I was grateful to the company for sponsoring a program I enjoyed. I was sympathetic to its message (let’s all find a way to take a breath), and I like the idea of an advertiser with a good story to tell. But I wished that some of the rigor applied to regular program segments had been on display here.

The second sponsor, a planned community about 50 miles south of Boston called The Pinehills, drew about 30 people to a “Behind the Curtain” discussion of the show -- and all things journalism -- on Sunday. In addition to “a light brunch,” the $20 ticket (free to Globe subscribers) included a chat with Globe Live editor and director Scott Hellman and a few of the show’s performers.

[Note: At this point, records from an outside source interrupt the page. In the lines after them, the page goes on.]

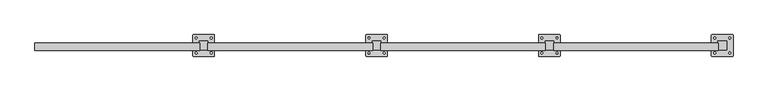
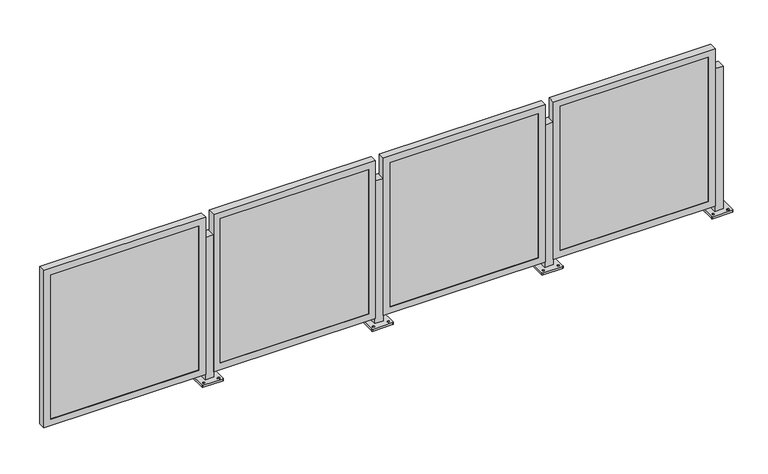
"""IFC4 building model written with IfcOpenShell, lengths in millimetres: railing geometry, Railing - Amico Architectural - Perforated Railing - Crescent."""

from ifc_helpers import new_model, si_unit, frame, origin, place, context, project, spatial, polyline, circle_curve, outline, extrude, faceted_brep, source, transform, mapped, element, save
from ifc_brep_helpers import plane_surface, cylinder_surface, revolved_surface, advanced_brep


def railing_0fd0b3dd(model_context):
    return source(origin(), model_context, "Body", "SolidModel", [
        advanced_brep(
        [(-18839.9348337, -3793.9525624, 914.4), (-18839.9348337, -3844.7525624, 914.4), (-18789.1348337, -3844.7525624, 914.4), (-18789.1348337, -3793.9525624, 914.4), (-18878.0348339, -3879.6775213, 0.0), (-18878.0348339, -3759.0276034, 0.0), (-18874.8598057, -3755.8525752, 0.0), (-18754.2098617, -3755.8525752, 0.0), (-18751.0348335, -3759.0276034, 0.0), (-18751.0348335, -3879.6775213, 0.0), (-18754.2098617, -3882.8525495, 0.0), (-18874.8598057, -3882.8525495, 0.0), (-18858.9848212, -3869.358817, 0.0), (-18858.9848212, -3858.2463046, 0.0), (-18858.9848321, -3780.4588126, 0.0), (-18858.9848321, -3769.346331, 0.0), (-18770.0848203, -3869.3588155, 0.0), (-18770.0848203, -3858.2463048, 0.0), (-18770.0848312, -3780.4588111, 0.0), (-18770.0848312, -3769.3463313, 0.0), (-18839.9348337, -3793.9525624, 12.7), (-18839.9348337, -3844.7525624, 12.7), (-18789.1348337, -3844.7525624, 12.7), (-18789.1348337, -3793.9525624, 12.7), (-18878.0348339, -3879.6775213, 12.7), (-18874.8598057, -3882.8525495, 12.7), (-18754.2098617, -3882.8525495, 12.7), (-18751.0348335, -3879.6775213, 12.7), (-18751.0348335, -3759.0276034, 12.7), (-18754.2098617, -3755.8525752, 12.7), (-18874.8598057, -3755.8525752, 12.7), (-18878.0348339, -3759.0276034, 12.7), (-18858.9848212, -3869.358817, 12.7), (-18858.9848212, -3858.2463046, 12.7), (-18858.9848321, -3780.4588126, 12.7), (-18858.9848321, -3769.346331, 12.7), (-18770.0848203, -3869.3588155, 12.7), (-18770.0848203, -3858.2463048, 12.7), (-18770.0848312, -3780.4588111, 12.7), (-18770.0848312, -3769.3463313, 12.7)],
        [
            (0, 1),
            (1, 2),
            (2, 3),
            (3, 0),
            (4, 5),
            (5, 6, circle_curve(frame((-18874.8598057, -3759.0276034, 0.0), z_axis=(0.0, 0.0, -1.0), x_axis=(0.0, 1.0, 0.0)), 3.1750282)),
            (6, 7),
            (7, 8, circle_curve(frame((-18754.2098617, -3759.0276034, 0.0), z_axis=(0.0, 0.0, -1.0), x_axis=(0.0, 1.0, 0.0)), 3.1750282)),
            (8, 9),
            (9, 10, circle_curve(frame((-18754.2098617, -3879.6775213, 0.0), z_axis=(0.0, 0.0, -1.0), x_axis=(0.0, 1.0, 0.0)), 3.1750282)),
            (10, 11),
            (11, 4, circle_curve(frame((-18874.8598057, -3879.6775213, 0.0), z_axis=(0.0, 0.0, -1.0), x_axis=(0.0, 1.0, 0.0)), 3.1750282)),
            (12, 13, circle_curve(frame((-18858.9848212, -3863.8025608, 0.0), z_axis=(0.0, 0.0, 1.0), x_axis=(0.0, 1.0, 0.0)), 5.5562562)),
            (13, 12, circle_curve(frame((-18858.9848212, -3863.8025608, 0.0), z_axis=(0.0, 0.0, 1.0), x_axis=(0.0, 1.0, 0.0)), 5.5562562)),
            (14, 15, circle_curve(frame((-18858.9848321, -3774.9025718, 0.0), z_axis=(0.0, 0.0, 1.0), x_axis=(0.0, 1.0, 0.0)), 5.5562408)),
            (15, 14, circle_curve(frame((-18858.9848321, -3774.9025718, 0.0), z_axis=(0.0, 0.0, 1.0), x_axis=(0.0, 1.0, 0.0)), 5.5562408)),
            (16, 17, circle_curve(frame((-18770.0848203, -3863.8025601, 0.0), z_axis=(0.0, 0.0, 1.0), x_axis=(0.0, 1.0, 0.0)), 5.5562553)),
            (17, 16, circle_curve(frame((-18770.0848203, -3863.8025601, 0.0), z_axis=(0.0, 0.0, 1.0), x_axis=(0.0, 1.0, 0.0)), 5.5562553)),
            (18, 19, circle_curve(frame((-18770.0848312, -3774.9025712, 0.0), z_axis=(0.0, 0.0, 1.0), x_axis=(0.0, 1.0, 0.0)), 5.5562399)),
            (19, 18, circle_curve(frame((-18770.0848312, -3774.9025712, 0.0), z_axis=(0.0, 0.0, 1.0), x_axis=(0.0, 1.0, 0.0)), 5.5562399)),
            (0, 20),
            (20, 21),
            (21, 1),
            (21, 22),
            (22, 2),
            (22, 23),
            (23, 3),
            (23, 20),
            (24, 25, circle_curve(frame((-18874.8598057, -3879.6775213, 12.7), z_axis=(0.0, 0.0, 1.0), x_axis=(0.0, 1.0, 0.0)), 3.1750282)),
            (25, 26),
            (26, 27, circle_curve(frame((-18754.2098617, -3879.6775213, 12.7), z_axis=(0.0, 0.0, 1.0), x_axis=(0.0, 1.0, 0.0)), 3.1750282)),
            (27, 28),
            (28, 29, circle_curve(frame((-18754.2098617, -3759.0276034, 12.7), z_axis=(0.0, 0.0, 1.0), x_axis=(0.0, 1.0, 0.0)), 3.1750282)),
            (29, 30),
            (30, 31, circle_curve(frame((-18874.8598057, -3759.0276034, 12.7), z_axis=(0.0, 0.0, 1.0), x_axis=(0.0, 1.0, 0.0)), 3.1750282)),
            (31, 24),
            (32, 33, circle_curve(frame((-18858.9848212, -3863.8025608, 12.7), z_axis=(0.0, 0.0, -1.0), x_axis=(0.0, 1.0, 0.0)), 5.5562562)),
            (33, 32, circle_curve(frame((-18858.9848212, -3863.8025608, 12.7), z_axis=(0.0, 0.0, -1.0), x_axis=(0.0, 1.0, 0.0)), 5.5562562)),
            (34, 35, circle_curve(frame((-18858.9848321, -3774.9025718, 12.7), z_axis=(0.0, 0.0, -1.0), x_axis=(0.0, 1.0, 0.0)), 5.5562408)),
            (35, 34, circle_curve(frame((-18858.9848321, -3774.9025718, 12.7), z_axis=(0.0, 0.0, -1.0), x_axis=(0.0, 1.0, 0.0)), 5.5562408)),
            (36, 37, circle_curve(frame((-18770.0848203, -3863.8025601, 12.7), z_axis=(0.0, 0.0, -1.0), x_axis=(0.0, 1.0, 0.0)), 5.5562553)),
            (37, 36, circle_curve(frame((-18770.0848203, -3863.8025601, 12.7), z_axis=(0.0, 0.0, -1.0), x_axis=(0.0, 1.0, 0.0)), 5.5562553)),
            (38, 39, circle_curve(frame((-18770.0848312, -3774.9025712, 12.7), z_axis=(0.0, 0.0, -1.0), x_axis=(0.0, 1.0, 0.0)), 5.5562399)),
            (39, 38, circle_curve(frame((-18770.0848312, -3774.9025712, 12.7), z_axis=(0.0, 0.0, -1.0), x_axis=(0.0, 1.0, 0.0)), 5.5562399)),
            (24, 4),
            (11, 25),
            (10, 26),
            (9, 27),
            (8, 28),
            (7, 29),
            (6, 30),
            (5, 31),
            (32, 12),
            (13, 33),
            (34, 14),
            (15, 35),
            (36, 16),
            (17, 37),
            (38, 18),
            (19, 39),
        ],
        [
            plane_surface(frame((-18839.9348337, -3844.7525624, 914.4), z_axis=(0.0, 0.0, 1.0), x_axis=(0.0, -1.0, 0.0))),
            plane_surface(frame((-18839.9348337, -3844.7525624, 0.0), z_axis=(0.0, 0.0, -1.0), x_axis=(0.0, 1.0, 0.0))),
            plane_surface(frame((-18839.9348337, -3793.9525624, 914.4), z_axis=(-1.0, 0.0, 0.0), x_axis=(0.0, 0.0, -1.0))),
            plane_surface(frame((-18839.9348337, -3844.7525624, 914.4), z_axis=(0.0, -1.0, 0.0), x_axis=(0.0, 0.0, -1.0))),
            plane_surface(frame((-18789.1348337, -3844.7525624, 914.4), z_axis=(1.0, 0.0, 0.0), x_axis=(0.0, 0.0, -1.0))),
            plane_surface(frame((-18789.1348337, -3793.9525624, 914.4), z_axis=(0.0, 1.0, 0.0), x_axis=(0.0, 0.0, -1.0))),
            plane_surface(frame((-18874.8598057, -3876.5024932, 12.7), z_axis=(0.0, 0.0, 1.0), x_axis=(-1.0, 0.0, 0.0))),
            cylinder_surface(frame((-18874.8598057, -3879.6775213, 0.0), z_axis=(0.0, 0.0, 1.0), x_axis=(0.0, 1.0, 0.0)), 3.1750282),
            plane_surface(frame((-18874.8598057, -3882.8525495, 12.7), z_axis=(1.1945386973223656e-12, -1.0, 0.0), x_axis=(0.0, 0.0, -1.0))),
            cylinder_surface(frame((-18754.2098617, -3879.6775213, 0.0), z_axis=(0.0, 0.0, 1.0), x_axis=(0.0, 1.0, 0.0)), 3.1750282),
            plane_surface(frame((-18751.0348335, -3879.6775213, 12.7), z_axis=(1.0, 0.0, 0.0), x_axis=(0.0, 0.0, -1.0))),
            cylinder_surface(frame((-18754.2098617, -3759.0276034, 0.0), z_axis=(0.0, 0.0, 1.0), x_axis=(0.0, 1.0, 0.0)), 3.1750282),
            plane_surface(frame((-18754.2098617, -3755.8525752, 12.7), z_axis=(-1.1946088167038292e-12, 1.0, 0.0), x_axis=(0.0, 0.0, -1.0))),
            cylinder_surface(frame((-18874.8598057, -3759.0276034, 0.0), z_axis=(0.0, 0.0, 1.0), x_axis=(0.0, 1.0, 0.0)), 3.1750282),
            plane_surface(frame((-18878.0348339, -3759.0276034, 12.7), z_axis=(-1.0, 0.0, 0.0), x_axis=(0.0, 0.0, -1.0))),
            revolved_surface(polyline([(-18858.9848212, -3858.2463046, 0.0), (-18858.9848212, -3858.2463046, 12.7)]), (-18858.9848212, -3863.8025608, 0.0), (0.0, 0.0, -1.0)),
            revolved_surface(polyline([(-18858.9848321, -3769.3463309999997, 0.0), (-18858.9848321, -3769.3463309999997, 12.7)]), (-18858.9848321, -3774.9025718, 0.0), (0.0, 0.0, -1.0)),
            revolved_surface(polyline([(-18770.0848203, -3858.2463048, 0.0), (-18770.0848203, -3858.2463048, 12.7)]), (-18770.0848203, -3863.8025601, 0.0), (0.0, 0.0, -1.0)),
            revolved_surface(polyline([(-18770.0848312, -3769.3463312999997, 0.0), (-18770.0848312, -3769.3463312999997, 12.7)]), (-18770.0848312, -3774.9025712, 0.0), (0.0, 0.0, -1.0)),
        ],
        [
            (0, [[1, 2, 3, 4]]),
            (1, [[5, 6, 7, 8, 9, 10, 11, 12], [13, 14], [15, 16], [17, 18], [19, 20]]),
            (2, [[-1, 21, 22, 23]]),
            (3, [[-2, -23, 24, 25]]),
            (4, [[-3, -25, 26, 27]]),
            (5, [[-4, -27, 28, -21]]),
            (6, [[29, 30, 31, 32, 33, 34, 35, 36], [-22, -28, -26, -24], [37, 38], [39, 40], [41, 42], [43, 44]]),
            (7, [[-29, 45, -12, 46]]),
            (8, [[-30, -46, -11, 47]]),
            (9, [[-31, -47, -10, 48]]),
            (10, [[-32, -48, -9, 49]]),
            (11, [[-33, -49, -8, 50]]),
            (12, [[-34, -50, -7, 51]]),
            (13, [[-35, -51, -6, 52]]),
            (14, [[-36, -52, -5, -45]]),
            (15, [[-37, 53, -14, 54]]),
            (15, [[-38, -54, -13, -53]]),
            (16, [[-39, 55, -16, 56]]),
            (16, [[-40, -56, -15, -55]]),
            (17, [[-41, 57, -18, 58]]),
            (17, [[-42, -58, -17, -57]]),
            (18, [[-43, 59, -20, 60]]),
            (18, [[-44, -60, -19, -59]]),
        ],
    ),
        faceted_brep([(-19806.3392871, -3847.4957624, 47.625), (-18837.9642871, -3847.4957624, 47.625), (-18837.9642871, -3847.4957624, 1044.575), (-19806.3392871, -3847.4957624, 1044.575), (-19765.0642871, -3847.4957624, 1003.3), (-18879.2392871, -3847.4957624, 1003.3), (-18879.2392871, -3847.4957624, 88.9), (-19765.0642871, -3847.4957624, 88.9), (-19765.0642871, -3844.7525624, 1003.3), (-19765.0642871, -3844.7525624, 88.9), (-19806.3392871, -3803.6224658, 1044.575), (-19806.3392871, -3803.6224658, 47.625), (-19803.1642871, -3803.6224658, 1041.4), (-19803.1642871, -3844.7525624, 1041.4), (-19803.1642871, -3844.7525624, 50.8), (-19803.1642871, -3803.6224658, 50.8), (-18879.2392871, -3844.7525624, 88.9), (-18837.9642871, -3803.6224658, 47.625), (-18841.1392871, -3844.7525624, 50.8), (-18841.1392871, -3803.6224658, 50.8), (-18879.2392871, -3844.7525624, 1003.3), (-18837.9642871, -3803.6224658, 1044.575), (-18841.1392871, -3844.7525624, 1041.4), (-18841.1392871, -3803.6224658, 1041.4)], [[[0, 1, 2, 3], [4, 5, 6, 7]], [[8, 4, 7, 9]], [[3, 10, 11, 0]], [[12, 13, 14, 15]], [[9, 7, 6, 16]], [[0, 11, 17, 1]], [[15, 14, 18, 19]], [[16, 6, 5, 20]], [[1, 17, 21, 2]], [[19, 18, 22, 23]], [[20, 5, 4, 8]], [[10, 21, 17, 11], [15, 19, 23, 12]], [[2, 21, 10, 3]], [[13, 22, 18, 14], [9, 16, 20, 8]], [[23, 22, 13, 12]]]),
        extrude(outline(polyline([(-19803.1642871, -3835.2275624), (-18841.1392871, -3835.2275624), (-18841.1392871, -3844.7525624), (-19803.1642871, -3844.7525624), (-19803.1642871, -3835.2275624)])), frame((0.0, 0.0, 50.8), z_axis=(0.0, 0.0, 1.0), x_axis=(1.0, 0.0, 0.0)), (0.0, 0.0, 1.0), 990.6),
        advanced_brep(
        [(-19855.9348337, -3793.9525624, 914.4), (-19855.9348337, -3844.7525624, 914.4), (-19805.1348337, -3844.7525624, 914.4), (-19805.1348337, -3793.9525624, 914.4), (-19894.0348339, -3879.6775213, 0.0), (-19894.0348339, -3759.0276034, 0.0), (-19890.8598057, -3755.8525752, 0.0), (-19770.2098617, -3755.8525752, 0.0), (-19767.0348335, -3759.0276034, 0.0), (-19767.0348335, -3879.6775213, 0.0), (-19770.2098617, -3882.8525495, 0.0), (-19890.8598057, -3882.8525495, 0.0), (-19874.9848212, -3869.358817, 0.0), (-19874.9848212, -3858.2463046, 0.0), (-19874.9848321, -3780.4588126, 0.0), (-19874.9848321, -3769.346331, 0.0), (-19786.0848203, -3869.3588155, 0.0), (-19786.0848203, -3858.2463048, 0.0), (-19786.0848312, -3780.4588111, 0.0), (-19786.0848312, -3769.3463313, 0.0), (-19855.9348337, -3793.9525624, 12.7), (-19855.9348337, -3844.7525624, 12.7), (-19805.1348337, -3844.7525624, 12.7), (-19805.1348337, -3793.9525624, 12.7), (-19894.0348339, -3879.6775213, 12.7), (-19890.8598057, -3882.8525495, 12.7), (-19770.2098617, -3882.8525495, 12.7), (-19767.0348335, -3879.6775213, 12.7), (-19767.0348335, -3759.0276034, 12.7), (-19770.2098617, -3755.8525752, 12.7), (-19890.8598057, -3755.8525752, 12.7), (-19894.0348339, -3759.0276034, 12.7), (-19874.9848212, -3869.358817, 12.7), (-19874.9848212, -3858.2463046, 12.7), (-19874.9848321, -3780.4588126, 12.7), (-19874.9848321, -3769.346331, 12.7), (-19786.0848203, -3869.3588155, 12.7), (-19786.0848203, -3858.2463048, 12.7), (-19786.0848312, -3780.4588111, 12.7), (-19786.0848312, -3769.3463313, 12.7)],
        [
            (0, 1),
            (1, 2),
            (2, 3),
            (3, 0),
            (4, 5),
            (5, 6, circle_curve(frame((-19890.8598057, -3759.0276034, 0.0), z_axis=(0.0, 0.0, -1.0), x_axis=(0.0, 1.0, 0.0)), 3.1750282)),
            (6, 7),
            (7, 8, circle_curve(frame((-19770.2098617, -3759.0276034, 0.0), z_axis=(0.0, 0.0, -1.0), x_axis=(0.0, 1.0, 0.0)), 3.1750282)),
            (8, 9),
            (9, 10, circle_curve(frame((-19770.2098617, -3879.6775213, 0.0), z_axis=(0.0, 0.0, -1.0), x_axis=(0.0, 1.0, 0.0)), 3.1750282)),
            (10, 11),
            (11, 4, circle_curve(frame((-19890.8598057, -3879.6775213, 0.0), z_axis=(0.0, 0.0, -1.0), x_axis=(0.0, 1.0, 0.0)), 3.1750282)),
            (12, 13, circle_curve(frame((-19874.9848212, -3863.8025608, 0.0), z_axis=(0.0, 0.0, 1.0), x_axis=(0.0, 1.0, 0.0)), 5.5562562)),
            (13, 12, circle_curve(frame((-19874.9848212, -3863.8025608, 0.0), z_axis=(0.0, 0.0, 1.0), x_axis=(0.0, 1.0, 0.0)), 5.5562562)),
            (14, 15, circle_curve(frame((-19874.9848321, -3774.9025718, 0.0), z_axis=(0.0, 0.0, 1.0), x_axis=(0.0, 1.0, 0.0)), 5.5562408)),
            (15, 14, circle_curve(frame((-19874.9848321, -3774.9025718, 0.0), z_axis=(0.0, 0.0, 1.0), x_axis=(0.0, 1.0, 0.0)), 5.5562408)),
            (16, 17, circle_curve(frame((-19786.0848203, -3863.8025601, 0.0), z_axis=(0.0, 0.0, 1.0), x_axis=(0.0, 1.0, 0.0)), 5.5562553)),
            (17, 16, circle_curve(frame((-19786.0848203, -3863.8025601, 0.0), z_axis=(0.0, 0.0, 1.0), x_axis=(0.0, 1.0, 0.0)), 5.5562553)),
            (18, 19, circle_curve(frame((-19786.0848312, -3774.9025712, 0.0), z_axis=(0.0, 0.0, 1.0), x_axis=(0.0, 1.0, 0.0)), 5.5562399)),
            (19, 18, circle_curve(frame((-19786.0848312, -3774.9025712, 0.0), z_axis=(0.0, 0.0, 1.0), x_axis=(0.0, 1.0, 0.0)), 5.5562399)),
            (0, 20),
            (20, 21),
            (21, 1),
            (21, 22),
            (22, 2),
            (22, 23),
            (23, 3),
            (23, 20),
            (24, 25, circle_curve(frame((-19890.8598057, -3879.6775213, 12.7), z_axis=(0.0, 0.0, 1.0), x_axis=(0.0, 1.0, 0.0)), 3.1750282)),
            (25, 26),
            (26, 27, circle_curve(frame((-19770.2098617, -3879.6775213, 12.7), z_axis=(0.0, 0.0, 1.0), x_axis=(0.0, 1.0, 0.0)), 3.1750282)),
            (27, 28),
            (28, 29, circle_curve(frame((-19770.2098617, -3759.0276034, 12.7), z_axis=(0.0, 0.0, 1.0), x_axis=(0.0, 1.0, 0.0)), 3.1750282)),
            (29, 30),
            (30, 31, circle_curve(frame((-19890.8598057, -3759.0276034, 12.7), z_axis=(0.0, 0.0, 1.0), x_axis=(0.0, 1.0, 0.0)), 3.1750282)),
            (31, 24),
            (32, 33, circle_curve(frame((-19874.9848212, -3863.8025608, 12.7), z_axis=(0.0, 0.0, -1.0), x_axis=(0.0, 1.0, 0.0)), 5.5562562)),
            (33, 32, circle_curve(frame((-19874.9848212, -3863.8025608, 12.7), z_axis=(0.0, 0.0, -1.0), x_axis=(0.0, 1.0, 0.0)), 5.5562562)),
            (34, 35, circle_curve(frame((-19874.9848321, -3774.9025718, 12.7), z_axis=(0.0, 0.0, -1.0), x_axis=(0.0, 1.0, 0.0)), 5.5562408)),
            (35, 34, circle_curve(frame((-19874.9848321, -3774.9025718, 12.7), z_axis=(0.0, 0.0, -1.0), x_axis=(0.0, 1.0, 0.0)), 5.5562408)),
            (36, 37, circle_curve(frame((-19786.0848203, -3863.8025601, 12.7), z_axis=(0.0, 0.0, -1.0), x_axis=(0.0, 1.0, 0.0)), 5.5562553)),
            (37, 36, circle_curve(frame((-19786.0848203, -3863.8025601, 12.7), z_axis=(0.0, 0.0, -1.0), x_axis=(0.0, 1.0, 0.0)), 5.5562553)),
            (38, 39, circle_curve(frame((-19786.0848312, -3774.9025712, 12.7), z_axis=(0.0, 0.0, -1.0), x_axis=(0.0, 1.0, 0.0)), 5.5562399)),
            (39, 38, circle_curve(frame((-19786.0848312, -3774.9025712, 12.7), z_axis=(0.0, 0.0, -1.0), x_axis=(0.0, 1.0, 0.0)), 5.5562399)),
            (24, 4),
            (11, 25),
            (10, 26),
            (9, 27),
            (8, 28),
            (7, 29),
            (6, 30),
            (5, 31),
            (32, 12),
            (13, 33),
            (34, 14),
            (15, 35),
            (36, 16),
            (17, 37),
            (38, 18),
            (19, 39),
        ],
        [
            plane_surface(frame((-19855.9348337, -3844.7525624, 914.4), z_axis=(0.0, 0.0, 1.0), x_axis=(0.0, -1.0, 0.0))),
            plane_surface(frame((-19855.9348337, -3844.7525624, 0.0), z_axis=(0.0, 0.0, -1.0), x_axis=(0.0, 1.0, 0.0))),
            plane_surface(frame((-19855.9348337, -3793.9525624, 914.4), z_axis=(-1.0, 0.0, 0.0), x_axis=(0.0, 0.0, -1.0))),
            plane_surface(frame((-19855.9348337, -3844.7525624, 914.4), z_axis=(0.0, -1.0, 0.0), x_axis=(0.0, 0.0, -1.0))),
            plane_surface(frame((-19805.1348337, -3844.7525624, 914.4), z_axis=(1.0, 0.0, 0.0), x_axis=(0.0, 0.0, -1.0))),
            plane_surface(frame((-19805.1348337, -3793.9525624, 914.4), z_axis=(0.0, 1.0, 0.0), x_axis=(0.0, 0.0, -1.0))),
            plane_surface(frame((-19890.8598057, -3876.5024932, 12.7), z_axis=(0.0, 0.0, 1.0), x_axis=(-1.0, 0.0, 0.0))),
            cylinder_surface(frame((-19890.8598057, -3879.6775213, 0.0), z_axis=(0.0, 0.0, 1.0), x_axis=(0.0, 1.0, 0.0)), 3.1750282),
            plane_surface(frame((-19890.8598057, -3882.8525495, 12.7), z_axis=(1.1945386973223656e-12, -1.0, 0.0), x_axis=(0.0, 0.0, -1.0))),
            cylinder_surface(frame((-19770.2098617, -3879.6775213, 0.0), z_axis=(0.0, 0.0, 1.0), x_axis=(0.0, 1.0, 0.0)), 3.1750282),
            plane_surface(frame((-19767.0348335, -3879.6775213, 12.7), z_axis=(1.0, 0.0, 0.0), x_axis=(0.0, 0.0, -1.0))),
            cylinder_surface(frame((-19770.2098617, -3759.0276034, 0.0), z_axis=(0.0, 0.0, 1.0), x_axis=(0.0, 1.0, 0.0)), 3.1750282),
            plane_surface(frame((-19770.2098617, -3755.8525752, 12.7), z_axis=(-1.1946088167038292e-12, 1.0, 0.0), x_axis=(0.0, 0.0, -1.0))),
            cylinder_surface(frame((-19890.8598057, -3759.0276034, 0.0), z_axis=(0.0, 0.0, 1.0), x_axis=(0.0, 1.0, 0.0)), 3.1750282),
            plane_surface(frame((-19894.0348339, -3759.0276034, 12.7), z_axis=(-1.0, 0.0, 0.0), x_axis=(0.0, 0.0, -1.0))),
            revolved_surface(polyline([(-19874.9848212, -3858.2463046, 0.0), (-19874.9848212, -3858.2463046, 12.7)]), (-19874.9848212, -3863.8025608, 0.0), (0.0, 0.0, -1.0)),
            revolved_surface(polyline([(-19874.9848321, -3769.3463309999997, 0.0), (-19874.9848321, -3769.3463309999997, 12.7)]), (-19874.9848321, -3774.9025718, 0.0), (0.0, 0.0, -1.0)),
            revolved_surface(polyline([(-19786.0848203, -3858.2463048, 0.0), (-19786.0848203, -3858.2463048, 12.7)]), (-19786.0848203, -3863.8025601, 0.0), (0.0, 0.0, -1.0)),
            revolved_surface(polyline([(-19786.0848312, -3769.3463312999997, 0.0), (-19786.0848312, -3769.3463312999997, 12.7)]), (-19786.0848312, -3774.9025712, 0.0), (0.0, 0.0, -1.0)),
        ],
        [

In a story published last week, Helman described four goals for Globe Live: To introduce people to Globe journalism in a new way, expand the Globe brand, serve as a community convener, and to bring true stories to life.

Great goals. And from what I could see from my seat, all achieved.

But I wonder if Globe Live can succeed where other promising (but since shed) new initiatives at the paper -- Crux and BetaBoston come to mind -- could not: at the cash register.

As a subscriber and occasional freelancer, I hope the Globe finds all the new money it can.  

“We are pleased that audiences responded positively,” Scott Halstead, managing director of the show told me in an email. “We ran two nights with a nearly sold-out theatre each night, further proving that this model of journalism resonates with our community.”

But just in case, if this is the sort of thing that resonates with you, I recommend buying a print or digital subscription if you haven’t done so already.

Even more than captive audiences, the Globe needs more paying customers.